# TASK INSTRUCTIONS
Give back all the data exactly as it was written.

# DATASET
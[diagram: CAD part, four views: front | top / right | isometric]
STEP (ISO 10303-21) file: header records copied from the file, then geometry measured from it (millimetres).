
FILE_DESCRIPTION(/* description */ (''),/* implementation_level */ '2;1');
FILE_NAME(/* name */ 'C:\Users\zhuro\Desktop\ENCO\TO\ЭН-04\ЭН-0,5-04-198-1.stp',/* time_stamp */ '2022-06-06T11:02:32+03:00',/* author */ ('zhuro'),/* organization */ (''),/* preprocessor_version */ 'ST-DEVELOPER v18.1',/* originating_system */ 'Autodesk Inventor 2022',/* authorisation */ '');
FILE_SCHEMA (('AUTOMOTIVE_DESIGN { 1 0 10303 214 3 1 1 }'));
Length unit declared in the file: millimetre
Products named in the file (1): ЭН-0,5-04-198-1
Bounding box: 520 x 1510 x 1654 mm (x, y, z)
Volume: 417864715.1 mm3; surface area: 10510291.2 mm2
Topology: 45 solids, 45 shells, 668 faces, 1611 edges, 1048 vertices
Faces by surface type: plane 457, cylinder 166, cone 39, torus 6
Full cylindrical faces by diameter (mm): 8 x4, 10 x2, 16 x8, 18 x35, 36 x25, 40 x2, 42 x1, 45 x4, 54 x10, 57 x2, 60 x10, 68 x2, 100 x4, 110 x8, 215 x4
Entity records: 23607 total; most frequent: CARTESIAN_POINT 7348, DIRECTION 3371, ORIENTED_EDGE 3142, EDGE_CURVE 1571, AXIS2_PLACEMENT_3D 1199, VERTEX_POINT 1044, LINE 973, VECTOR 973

# SOLUTION FOR THIS EXERCISE
[diagram: CAD part, four views: front | top / right | isometric]
STEP (ISO 10303-21) file: header records copied from the file, then geometry measured from it (millimetres).
FILE_DESCRIPTION(/* description */ (''),/* implementation_level */ '2;1');
FILE_NAME(/* name */ 'C:\Users\zhuro\Desktop\ENCO\TO\ЭН-04\ЭН-0,5-04-198-1.stp',/* time_stamp */ '2022-06-06T11:02:32+03:00',/* author */ ('zhuro'),/* organization */ (''),/* preprocessor_version */ 'ST-DEVELOPER v18.1',/* originating_system */ 'Autodesk Inventor 2022',/* authorisation */ '');
FILE_SCHEMA (('AUTOMOTIVE_DESIGN { 1 0 10303 214 3 1 1 }'));
Length unit declared in the file: millimetre
Products named in the file (1): ЭН-0,5-04-198-1
Bounding box: 520 x 1510 x 1654 mm (x, y, z)
Volume: 417864715.1 mm3; surface area: 10510291.2 mm2
Topology: 45 solids, 45 shells, 668 faces, 1611 edges, 1048 vertices
Faces by surface type: plane 457, cylinder 166, cone 39, torus 6
Full cylindrical faces by diameter (mm): 8 x4, 10 x2, 16 x8, 18 x35, 36 x25, 40 x2, 42 x1, 45 x4, 54 x10, 57 x2, 60 x10, 68 x2, 100 x4, 110 x8, 215 x4
Entity records: 23607 total; most frequent: CARTESIAN_POINT 7348, DIRECTION 3371, ORIENTED_EDGE 3142, EDGE_CURVE 1571, AXIS2_PLACEMENT_3D 1199, VERTEX_POINT 1044, LINE 973, VECTOR 973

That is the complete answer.